━━━ SUPPLIED INFORMATION ━━━

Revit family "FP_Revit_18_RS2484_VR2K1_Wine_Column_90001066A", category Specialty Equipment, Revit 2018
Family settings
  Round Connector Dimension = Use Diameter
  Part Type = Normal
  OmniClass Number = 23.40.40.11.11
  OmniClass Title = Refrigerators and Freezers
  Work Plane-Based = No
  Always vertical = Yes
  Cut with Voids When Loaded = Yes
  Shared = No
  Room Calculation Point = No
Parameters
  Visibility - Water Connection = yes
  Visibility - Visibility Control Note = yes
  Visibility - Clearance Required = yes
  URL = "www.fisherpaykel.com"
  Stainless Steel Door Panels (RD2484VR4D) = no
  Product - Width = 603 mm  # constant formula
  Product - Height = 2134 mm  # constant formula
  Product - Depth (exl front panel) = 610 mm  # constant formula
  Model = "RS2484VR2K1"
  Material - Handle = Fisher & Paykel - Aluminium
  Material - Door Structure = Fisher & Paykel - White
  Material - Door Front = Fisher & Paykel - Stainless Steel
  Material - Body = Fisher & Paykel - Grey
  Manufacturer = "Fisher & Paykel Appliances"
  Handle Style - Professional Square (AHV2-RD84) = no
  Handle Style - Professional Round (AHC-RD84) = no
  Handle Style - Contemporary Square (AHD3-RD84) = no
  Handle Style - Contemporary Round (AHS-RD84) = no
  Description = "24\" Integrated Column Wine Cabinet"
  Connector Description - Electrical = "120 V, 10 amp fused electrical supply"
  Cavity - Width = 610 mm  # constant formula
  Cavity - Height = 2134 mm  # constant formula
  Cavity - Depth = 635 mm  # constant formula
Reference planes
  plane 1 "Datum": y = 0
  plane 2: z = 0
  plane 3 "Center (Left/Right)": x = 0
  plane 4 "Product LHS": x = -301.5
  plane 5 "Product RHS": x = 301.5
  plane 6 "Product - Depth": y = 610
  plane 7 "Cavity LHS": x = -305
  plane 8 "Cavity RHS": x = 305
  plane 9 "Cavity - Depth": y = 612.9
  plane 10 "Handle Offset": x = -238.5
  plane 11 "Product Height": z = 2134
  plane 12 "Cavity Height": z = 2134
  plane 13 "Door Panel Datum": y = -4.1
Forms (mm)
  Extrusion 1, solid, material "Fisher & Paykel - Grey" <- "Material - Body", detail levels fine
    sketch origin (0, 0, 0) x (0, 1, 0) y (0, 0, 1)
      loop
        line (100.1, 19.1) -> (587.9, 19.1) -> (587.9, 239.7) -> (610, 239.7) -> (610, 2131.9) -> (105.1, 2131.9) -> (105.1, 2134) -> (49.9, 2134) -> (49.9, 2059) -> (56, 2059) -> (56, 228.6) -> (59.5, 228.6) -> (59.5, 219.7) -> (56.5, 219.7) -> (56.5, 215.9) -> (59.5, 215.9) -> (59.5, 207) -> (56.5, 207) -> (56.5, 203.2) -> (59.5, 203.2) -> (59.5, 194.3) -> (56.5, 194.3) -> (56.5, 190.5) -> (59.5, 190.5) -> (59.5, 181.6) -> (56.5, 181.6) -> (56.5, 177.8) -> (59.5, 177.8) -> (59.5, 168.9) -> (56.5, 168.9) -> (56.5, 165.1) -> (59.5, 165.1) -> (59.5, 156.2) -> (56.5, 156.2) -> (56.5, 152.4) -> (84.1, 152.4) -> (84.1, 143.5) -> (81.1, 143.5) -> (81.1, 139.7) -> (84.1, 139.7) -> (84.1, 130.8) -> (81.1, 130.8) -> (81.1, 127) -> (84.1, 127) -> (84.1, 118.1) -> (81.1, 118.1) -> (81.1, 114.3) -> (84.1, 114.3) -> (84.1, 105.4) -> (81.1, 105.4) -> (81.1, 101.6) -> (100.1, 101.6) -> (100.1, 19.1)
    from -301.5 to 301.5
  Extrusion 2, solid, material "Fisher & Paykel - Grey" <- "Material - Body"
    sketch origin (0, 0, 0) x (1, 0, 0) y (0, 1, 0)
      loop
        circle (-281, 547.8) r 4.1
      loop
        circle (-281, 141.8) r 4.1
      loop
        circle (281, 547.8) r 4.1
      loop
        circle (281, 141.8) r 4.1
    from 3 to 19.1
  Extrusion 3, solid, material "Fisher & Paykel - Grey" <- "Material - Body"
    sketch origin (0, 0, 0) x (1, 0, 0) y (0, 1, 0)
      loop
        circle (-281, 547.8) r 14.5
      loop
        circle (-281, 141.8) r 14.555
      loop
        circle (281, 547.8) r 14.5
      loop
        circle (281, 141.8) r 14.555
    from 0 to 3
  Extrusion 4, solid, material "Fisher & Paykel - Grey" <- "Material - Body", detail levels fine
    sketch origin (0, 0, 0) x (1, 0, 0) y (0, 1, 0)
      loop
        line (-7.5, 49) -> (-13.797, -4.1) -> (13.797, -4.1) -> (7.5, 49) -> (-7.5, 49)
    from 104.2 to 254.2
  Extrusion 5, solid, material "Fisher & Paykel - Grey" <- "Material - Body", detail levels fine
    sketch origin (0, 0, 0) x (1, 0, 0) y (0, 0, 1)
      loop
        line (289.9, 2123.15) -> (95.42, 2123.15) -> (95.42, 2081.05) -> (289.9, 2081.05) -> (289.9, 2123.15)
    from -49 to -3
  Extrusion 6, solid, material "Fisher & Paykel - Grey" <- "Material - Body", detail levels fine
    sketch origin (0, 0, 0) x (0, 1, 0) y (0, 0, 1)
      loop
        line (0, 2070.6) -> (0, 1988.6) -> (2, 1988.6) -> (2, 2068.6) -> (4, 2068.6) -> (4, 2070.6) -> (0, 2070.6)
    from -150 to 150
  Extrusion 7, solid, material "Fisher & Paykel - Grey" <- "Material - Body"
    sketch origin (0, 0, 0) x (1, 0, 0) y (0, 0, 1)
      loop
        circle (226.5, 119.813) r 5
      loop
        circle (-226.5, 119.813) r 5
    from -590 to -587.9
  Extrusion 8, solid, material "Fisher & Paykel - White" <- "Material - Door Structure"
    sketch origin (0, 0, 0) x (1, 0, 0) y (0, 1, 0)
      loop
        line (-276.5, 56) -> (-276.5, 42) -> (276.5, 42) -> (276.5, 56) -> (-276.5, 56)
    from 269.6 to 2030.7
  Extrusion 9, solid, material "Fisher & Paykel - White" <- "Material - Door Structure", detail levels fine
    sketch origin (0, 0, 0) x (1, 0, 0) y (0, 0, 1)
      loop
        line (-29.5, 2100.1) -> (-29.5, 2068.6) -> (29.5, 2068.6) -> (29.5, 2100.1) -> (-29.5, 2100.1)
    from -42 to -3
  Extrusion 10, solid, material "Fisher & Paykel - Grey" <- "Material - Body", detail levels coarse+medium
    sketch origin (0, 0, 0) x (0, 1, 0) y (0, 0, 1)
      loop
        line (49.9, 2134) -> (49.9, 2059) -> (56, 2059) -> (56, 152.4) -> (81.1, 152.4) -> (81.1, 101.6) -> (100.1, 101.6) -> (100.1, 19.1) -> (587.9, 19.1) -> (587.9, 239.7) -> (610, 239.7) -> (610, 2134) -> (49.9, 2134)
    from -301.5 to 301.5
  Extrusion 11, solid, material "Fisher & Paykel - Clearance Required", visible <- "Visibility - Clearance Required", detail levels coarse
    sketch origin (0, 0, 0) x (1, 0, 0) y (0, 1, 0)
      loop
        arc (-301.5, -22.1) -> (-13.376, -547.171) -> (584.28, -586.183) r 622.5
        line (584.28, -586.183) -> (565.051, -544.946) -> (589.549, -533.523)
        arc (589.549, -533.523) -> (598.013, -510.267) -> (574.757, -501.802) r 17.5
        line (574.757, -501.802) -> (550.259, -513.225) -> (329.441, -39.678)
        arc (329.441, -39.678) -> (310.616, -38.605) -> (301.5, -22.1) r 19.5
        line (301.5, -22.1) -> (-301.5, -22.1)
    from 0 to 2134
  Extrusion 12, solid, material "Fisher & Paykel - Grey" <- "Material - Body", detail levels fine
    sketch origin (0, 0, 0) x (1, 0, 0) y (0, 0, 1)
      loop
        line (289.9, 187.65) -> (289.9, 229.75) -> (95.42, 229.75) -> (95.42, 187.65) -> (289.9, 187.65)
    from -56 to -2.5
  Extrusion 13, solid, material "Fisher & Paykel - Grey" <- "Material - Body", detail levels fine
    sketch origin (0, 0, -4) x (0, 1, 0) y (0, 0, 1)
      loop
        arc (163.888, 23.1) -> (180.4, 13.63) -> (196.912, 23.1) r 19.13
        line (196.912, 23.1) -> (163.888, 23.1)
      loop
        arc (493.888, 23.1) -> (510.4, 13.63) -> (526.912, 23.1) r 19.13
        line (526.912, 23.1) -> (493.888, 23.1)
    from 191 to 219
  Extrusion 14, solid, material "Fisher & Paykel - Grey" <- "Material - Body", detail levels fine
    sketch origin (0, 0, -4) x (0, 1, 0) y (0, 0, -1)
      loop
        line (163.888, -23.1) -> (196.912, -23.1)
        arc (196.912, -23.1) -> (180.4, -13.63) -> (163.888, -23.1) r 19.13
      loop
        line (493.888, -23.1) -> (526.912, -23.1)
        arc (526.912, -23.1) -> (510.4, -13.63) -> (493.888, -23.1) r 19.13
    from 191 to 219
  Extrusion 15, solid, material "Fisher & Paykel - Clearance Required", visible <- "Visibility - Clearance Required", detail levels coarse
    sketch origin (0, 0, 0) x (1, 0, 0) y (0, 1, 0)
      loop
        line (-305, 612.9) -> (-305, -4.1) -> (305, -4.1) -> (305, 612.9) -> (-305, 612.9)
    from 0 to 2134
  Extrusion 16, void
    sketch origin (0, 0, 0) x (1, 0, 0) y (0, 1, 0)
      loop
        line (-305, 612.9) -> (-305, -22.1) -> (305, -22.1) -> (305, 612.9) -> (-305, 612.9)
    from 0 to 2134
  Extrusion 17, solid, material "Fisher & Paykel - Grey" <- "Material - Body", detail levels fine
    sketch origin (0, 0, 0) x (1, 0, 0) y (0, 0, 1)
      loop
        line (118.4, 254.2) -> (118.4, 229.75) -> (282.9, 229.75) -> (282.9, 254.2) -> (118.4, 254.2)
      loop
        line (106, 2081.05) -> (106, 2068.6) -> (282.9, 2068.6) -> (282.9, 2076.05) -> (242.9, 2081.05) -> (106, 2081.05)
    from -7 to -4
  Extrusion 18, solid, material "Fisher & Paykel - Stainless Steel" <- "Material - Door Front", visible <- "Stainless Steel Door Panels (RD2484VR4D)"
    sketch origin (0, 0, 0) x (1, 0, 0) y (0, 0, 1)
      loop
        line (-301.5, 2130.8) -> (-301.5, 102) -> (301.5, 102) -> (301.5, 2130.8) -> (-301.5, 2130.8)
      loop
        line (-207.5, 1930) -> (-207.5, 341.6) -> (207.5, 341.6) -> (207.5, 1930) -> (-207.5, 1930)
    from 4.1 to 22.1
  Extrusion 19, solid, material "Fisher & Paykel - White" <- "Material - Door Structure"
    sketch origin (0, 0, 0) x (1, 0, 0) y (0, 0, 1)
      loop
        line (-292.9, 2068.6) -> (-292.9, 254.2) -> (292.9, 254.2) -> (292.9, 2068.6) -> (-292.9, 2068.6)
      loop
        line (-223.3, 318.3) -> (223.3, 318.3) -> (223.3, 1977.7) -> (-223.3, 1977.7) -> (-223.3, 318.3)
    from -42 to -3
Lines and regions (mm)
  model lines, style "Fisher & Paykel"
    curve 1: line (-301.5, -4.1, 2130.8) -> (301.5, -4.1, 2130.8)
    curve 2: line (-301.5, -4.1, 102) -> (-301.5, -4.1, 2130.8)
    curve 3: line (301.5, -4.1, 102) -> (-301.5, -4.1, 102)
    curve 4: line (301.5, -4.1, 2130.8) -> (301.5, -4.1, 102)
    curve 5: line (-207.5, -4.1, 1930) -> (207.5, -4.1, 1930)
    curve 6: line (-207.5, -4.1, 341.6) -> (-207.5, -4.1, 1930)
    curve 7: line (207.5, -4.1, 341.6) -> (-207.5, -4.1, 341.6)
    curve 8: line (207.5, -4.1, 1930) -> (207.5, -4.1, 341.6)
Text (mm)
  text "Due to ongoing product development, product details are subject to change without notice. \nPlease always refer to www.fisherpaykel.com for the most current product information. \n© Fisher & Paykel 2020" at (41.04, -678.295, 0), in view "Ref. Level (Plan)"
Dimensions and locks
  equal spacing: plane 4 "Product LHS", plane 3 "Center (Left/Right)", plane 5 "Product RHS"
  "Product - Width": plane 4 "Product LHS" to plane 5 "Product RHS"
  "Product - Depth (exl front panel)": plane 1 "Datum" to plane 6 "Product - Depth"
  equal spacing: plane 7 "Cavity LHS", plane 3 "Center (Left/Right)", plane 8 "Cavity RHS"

━━━

Only lines that include "Round" belong in the answer; return them from the entries above.

  Round Connector Dimension = Use Diameter
  Handle Style - Professional Round (AHC-RD84) = no
  Handle Style - Contemporary Round (AHS-RD84) = no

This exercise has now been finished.